Dramatic progress has been made in cancer therapy with genetically targeted kinase inhibitors. These agents have revolutionized the treatment of lung cancer and melanoma as well as certain leukemias and sarcomas. Activating mutations occur in members of the fibroblast growth factor receptor (FGFR) family in multiple cancers including those of the lung, liver, stomach, brain, breast, and bladder. Until recently, there has only been limited success with FGFR inhibitors. However, a recent clinical trial in cholangiocarcinoma, a type of liver cancer, showed dramatic benefit for most patients treated. Indeed, such responses are unprecedented with any prior therapy for cholangiocarcinoma, which ranks among the most deadly of all cancers.
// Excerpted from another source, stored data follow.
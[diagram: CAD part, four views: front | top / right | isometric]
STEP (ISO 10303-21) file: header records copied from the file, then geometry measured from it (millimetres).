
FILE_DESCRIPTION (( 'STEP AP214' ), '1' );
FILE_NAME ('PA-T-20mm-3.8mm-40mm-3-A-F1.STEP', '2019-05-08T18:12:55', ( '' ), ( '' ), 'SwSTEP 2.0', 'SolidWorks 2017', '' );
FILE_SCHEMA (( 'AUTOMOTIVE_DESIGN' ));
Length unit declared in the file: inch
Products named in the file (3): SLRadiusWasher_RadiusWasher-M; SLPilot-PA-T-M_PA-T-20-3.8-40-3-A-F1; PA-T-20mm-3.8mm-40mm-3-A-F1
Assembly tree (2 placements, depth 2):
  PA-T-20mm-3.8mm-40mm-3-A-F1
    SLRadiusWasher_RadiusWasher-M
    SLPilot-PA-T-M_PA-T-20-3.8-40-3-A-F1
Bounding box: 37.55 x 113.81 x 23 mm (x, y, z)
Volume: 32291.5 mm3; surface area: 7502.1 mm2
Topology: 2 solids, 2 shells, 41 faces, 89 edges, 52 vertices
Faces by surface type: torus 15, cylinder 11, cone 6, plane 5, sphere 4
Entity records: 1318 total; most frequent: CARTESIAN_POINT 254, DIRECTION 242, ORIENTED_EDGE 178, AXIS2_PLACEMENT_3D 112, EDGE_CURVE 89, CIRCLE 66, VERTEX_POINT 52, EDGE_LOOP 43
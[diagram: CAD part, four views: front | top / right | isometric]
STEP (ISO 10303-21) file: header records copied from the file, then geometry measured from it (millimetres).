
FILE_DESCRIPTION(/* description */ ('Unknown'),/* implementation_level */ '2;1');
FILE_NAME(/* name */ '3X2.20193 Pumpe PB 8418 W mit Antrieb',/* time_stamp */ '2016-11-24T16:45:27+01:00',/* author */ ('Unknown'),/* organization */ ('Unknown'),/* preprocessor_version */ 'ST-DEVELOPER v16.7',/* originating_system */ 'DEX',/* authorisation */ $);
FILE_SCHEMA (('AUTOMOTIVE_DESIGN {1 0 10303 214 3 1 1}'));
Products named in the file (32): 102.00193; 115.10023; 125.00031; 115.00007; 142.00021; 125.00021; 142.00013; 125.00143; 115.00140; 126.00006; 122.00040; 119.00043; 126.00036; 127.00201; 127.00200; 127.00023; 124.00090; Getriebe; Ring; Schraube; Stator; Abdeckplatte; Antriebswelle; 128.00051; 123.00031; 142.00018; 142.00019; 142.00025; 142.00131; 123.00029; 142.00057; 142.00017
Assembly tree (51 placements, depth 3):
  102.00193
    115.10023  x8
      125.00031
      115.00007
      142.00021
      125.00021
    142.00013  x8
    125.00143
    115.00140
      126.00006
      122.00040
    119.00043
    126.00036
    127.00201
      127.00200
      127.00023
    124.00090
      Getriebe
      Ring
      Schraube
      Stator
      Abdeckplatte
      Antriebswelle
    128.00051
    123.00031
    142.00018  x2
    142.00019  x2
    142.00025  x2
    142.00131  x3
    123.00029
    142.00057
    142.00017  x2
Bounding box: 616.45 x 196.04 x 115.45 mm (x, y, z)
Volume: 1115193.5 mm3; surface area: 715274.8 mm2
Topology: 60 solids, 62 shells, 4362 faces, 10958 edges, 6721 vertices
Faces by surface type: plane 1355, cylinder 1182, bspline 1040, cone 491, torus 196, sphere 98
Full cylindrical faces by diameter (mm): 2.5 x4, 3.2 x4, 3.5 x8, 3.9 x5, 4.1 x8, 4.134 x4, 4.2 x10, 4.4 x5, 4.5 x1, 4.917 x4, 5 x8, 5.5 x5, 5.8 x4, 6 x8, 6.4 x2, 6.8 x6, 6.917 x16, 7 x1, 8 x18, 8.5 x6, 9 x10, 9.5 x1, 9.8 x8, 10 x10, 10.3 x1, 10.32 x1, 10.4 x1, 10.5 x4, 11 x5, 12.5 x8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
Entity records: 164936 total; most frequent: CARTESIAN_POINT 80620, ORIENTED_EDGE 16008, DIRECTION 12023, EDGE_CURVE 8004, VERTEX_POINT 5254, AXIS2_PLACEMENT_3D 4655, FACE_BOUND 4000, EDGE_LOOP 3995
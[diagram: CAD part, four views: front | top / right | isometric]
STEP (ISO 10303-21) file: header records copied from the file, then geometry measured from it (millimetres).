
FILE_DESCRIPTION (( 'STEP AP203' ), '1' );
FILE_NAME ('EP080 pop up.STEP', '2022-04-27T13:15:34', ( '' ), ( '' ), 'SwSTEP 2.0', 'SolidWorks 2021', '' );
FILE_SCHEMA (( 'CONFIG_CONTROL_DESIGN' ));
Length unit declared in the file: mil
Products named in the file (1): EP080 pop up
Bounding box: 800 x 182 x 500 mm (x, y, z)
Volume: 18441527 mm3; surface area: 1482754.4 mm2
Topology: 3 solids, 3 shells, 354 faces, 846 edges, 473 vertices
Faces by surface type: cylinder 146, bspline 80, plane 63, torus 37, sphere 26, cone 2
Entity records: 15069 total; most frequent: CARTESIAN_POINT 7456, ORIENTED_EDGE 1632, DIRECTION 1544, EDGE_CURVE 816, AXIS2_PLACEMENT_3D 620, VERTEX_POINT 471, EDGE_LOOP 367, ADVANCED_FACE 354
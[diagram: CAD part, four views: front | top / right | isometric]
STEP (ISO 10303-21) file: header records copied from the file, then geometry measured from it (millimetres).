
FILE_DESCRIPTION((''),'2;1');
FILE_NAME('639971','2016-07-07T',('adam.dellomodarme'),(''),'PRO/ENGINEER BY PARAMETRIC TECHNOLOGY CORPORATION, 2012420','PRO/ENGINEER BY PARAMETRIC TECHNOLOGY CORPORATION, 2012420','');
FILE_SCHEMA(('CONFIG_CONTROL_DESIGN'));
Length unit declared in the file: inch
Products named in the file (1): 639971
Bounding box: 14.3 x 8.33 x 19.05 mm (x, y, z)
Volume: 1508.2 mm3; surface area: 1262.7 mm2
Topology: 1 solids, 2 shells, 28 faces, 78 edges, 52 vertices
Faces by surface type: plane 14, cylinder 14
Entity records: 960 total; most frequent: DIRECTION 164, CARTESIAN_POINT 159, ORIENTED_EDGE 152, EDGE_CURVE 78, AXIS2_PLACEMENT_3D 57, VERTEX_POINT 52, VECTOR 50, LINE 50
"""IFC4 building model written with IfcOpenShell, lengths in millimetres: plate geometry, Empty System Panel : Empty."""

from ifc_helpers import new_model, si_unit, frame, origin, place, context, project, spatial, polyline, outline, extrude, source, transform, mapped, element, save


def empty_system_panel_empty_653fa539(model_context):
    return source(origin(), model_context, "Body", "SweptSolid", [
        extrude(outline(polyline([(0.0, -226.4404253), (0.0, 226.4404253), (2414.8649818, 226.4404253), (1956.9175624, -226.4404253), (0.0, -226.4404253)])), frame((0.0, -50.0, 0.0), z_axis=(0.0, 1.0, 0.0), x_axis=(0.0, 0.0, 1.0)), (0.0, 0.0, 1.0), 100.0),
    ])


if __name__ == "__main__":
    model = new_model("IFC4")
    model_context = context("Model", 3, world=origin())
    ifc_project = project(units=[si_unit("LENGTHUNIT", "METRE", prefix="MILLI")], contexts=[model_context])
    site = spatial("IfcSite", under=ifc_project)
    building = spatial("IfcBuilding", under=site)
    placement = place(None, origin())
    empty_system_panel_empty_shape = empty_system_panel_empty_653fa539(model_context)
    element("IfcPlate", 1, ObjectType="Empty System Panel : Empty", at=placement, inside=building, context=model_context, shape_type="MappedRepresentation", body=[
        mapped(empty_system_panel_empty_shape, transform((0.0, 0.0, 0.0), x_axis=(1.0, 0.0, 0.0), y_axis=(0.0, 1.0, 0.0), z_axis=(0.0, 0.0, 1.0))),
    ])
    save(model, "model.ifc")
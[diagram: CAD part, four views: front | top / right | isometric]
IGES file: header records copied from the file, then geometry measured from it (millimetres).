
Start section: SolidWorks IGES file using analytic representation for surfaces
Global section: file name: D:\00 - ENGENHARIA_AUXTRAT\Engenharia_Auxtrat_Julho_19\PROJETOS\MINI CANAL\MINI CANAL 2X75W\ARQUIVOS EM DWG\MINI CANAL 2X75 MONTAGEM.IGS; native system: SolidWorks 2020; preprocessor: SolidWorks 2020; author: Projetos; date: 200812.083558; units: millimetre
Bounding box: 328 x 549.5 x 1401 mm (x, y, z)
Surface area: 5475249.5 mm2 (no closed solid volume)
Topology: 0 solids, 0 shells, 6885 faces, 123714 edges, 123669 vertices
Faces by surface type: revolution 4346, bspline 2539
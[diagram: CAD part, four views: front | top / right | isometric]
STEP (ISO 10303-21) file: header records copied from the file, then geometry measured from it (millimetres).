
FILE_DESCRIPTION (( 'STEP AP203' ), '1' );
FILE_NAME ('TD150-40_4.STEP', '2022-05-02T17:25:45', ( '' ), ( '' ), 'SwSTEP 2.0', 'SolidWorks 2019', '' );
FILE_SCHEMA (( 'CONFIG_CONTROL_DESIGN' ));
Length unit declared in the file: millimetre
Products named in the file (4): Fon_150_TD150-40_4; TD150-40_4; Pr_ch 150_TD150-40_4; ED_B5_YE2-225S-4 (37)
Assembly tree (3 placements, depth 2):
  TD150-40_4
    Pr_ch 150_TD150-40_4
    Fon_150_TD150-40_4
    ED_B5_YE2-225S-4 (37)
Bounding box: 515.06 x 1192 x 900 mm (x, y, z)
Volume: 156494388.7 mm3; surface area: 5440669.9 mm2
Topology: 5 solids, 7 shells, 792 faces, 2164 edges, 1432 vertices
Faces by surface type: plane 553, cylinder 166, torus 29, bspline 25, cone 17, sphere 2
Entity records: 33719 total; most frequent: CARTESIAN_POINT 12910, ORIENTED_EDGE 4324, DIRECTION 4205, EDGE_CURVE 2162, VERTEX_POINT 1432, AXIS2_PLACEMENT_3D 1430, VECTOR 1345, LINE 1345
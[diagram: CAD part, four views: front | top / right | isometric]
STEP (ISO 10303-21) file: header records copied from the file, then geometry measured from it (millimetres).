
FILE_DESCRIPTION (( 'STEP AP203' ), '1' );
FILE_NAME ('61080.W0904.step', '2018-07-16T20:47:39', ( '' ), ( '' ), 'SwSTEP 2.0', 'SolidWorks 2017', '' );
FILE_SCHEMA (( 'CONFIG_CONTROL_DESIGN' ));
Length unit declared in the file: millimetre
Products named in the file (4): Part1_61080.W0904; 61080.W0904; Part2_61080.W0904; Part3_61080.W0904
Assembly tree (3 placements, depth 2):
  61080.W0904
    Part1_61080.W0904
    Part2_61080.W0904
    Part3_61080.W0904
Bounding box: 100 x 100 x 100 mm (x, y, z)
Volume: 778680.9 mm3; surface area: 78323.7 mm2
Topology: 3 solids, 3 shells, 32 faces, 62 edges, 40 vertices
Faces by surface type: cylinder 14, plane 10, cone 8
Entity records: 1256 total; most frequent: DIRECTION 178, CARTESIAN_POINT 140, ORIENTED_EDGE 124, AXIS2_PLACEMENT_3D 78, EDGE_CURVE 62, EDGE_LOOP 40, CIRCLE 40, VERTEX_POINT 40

Studying FGFR inhibition in cholangiocarcinoma provides us with an opportunity to not only understand why these patients have benefited, but also why other patients may not and how to change treatment to help them more. The one aspect of cholangiocarcinoma that we believe has supported the treatment response is near universal activation of FGFR by genetic fusion events, where a second gene is fused to the FGFR, creating a single protein with parts of two distinct genes. These fusions have also predicted response to FGFR inhibition in other tumor types. However, we also suspect that the specific characteristics of cholangiocarcinoma, including common co-mutations and the specific requirements of biliary cells for growth may contribute.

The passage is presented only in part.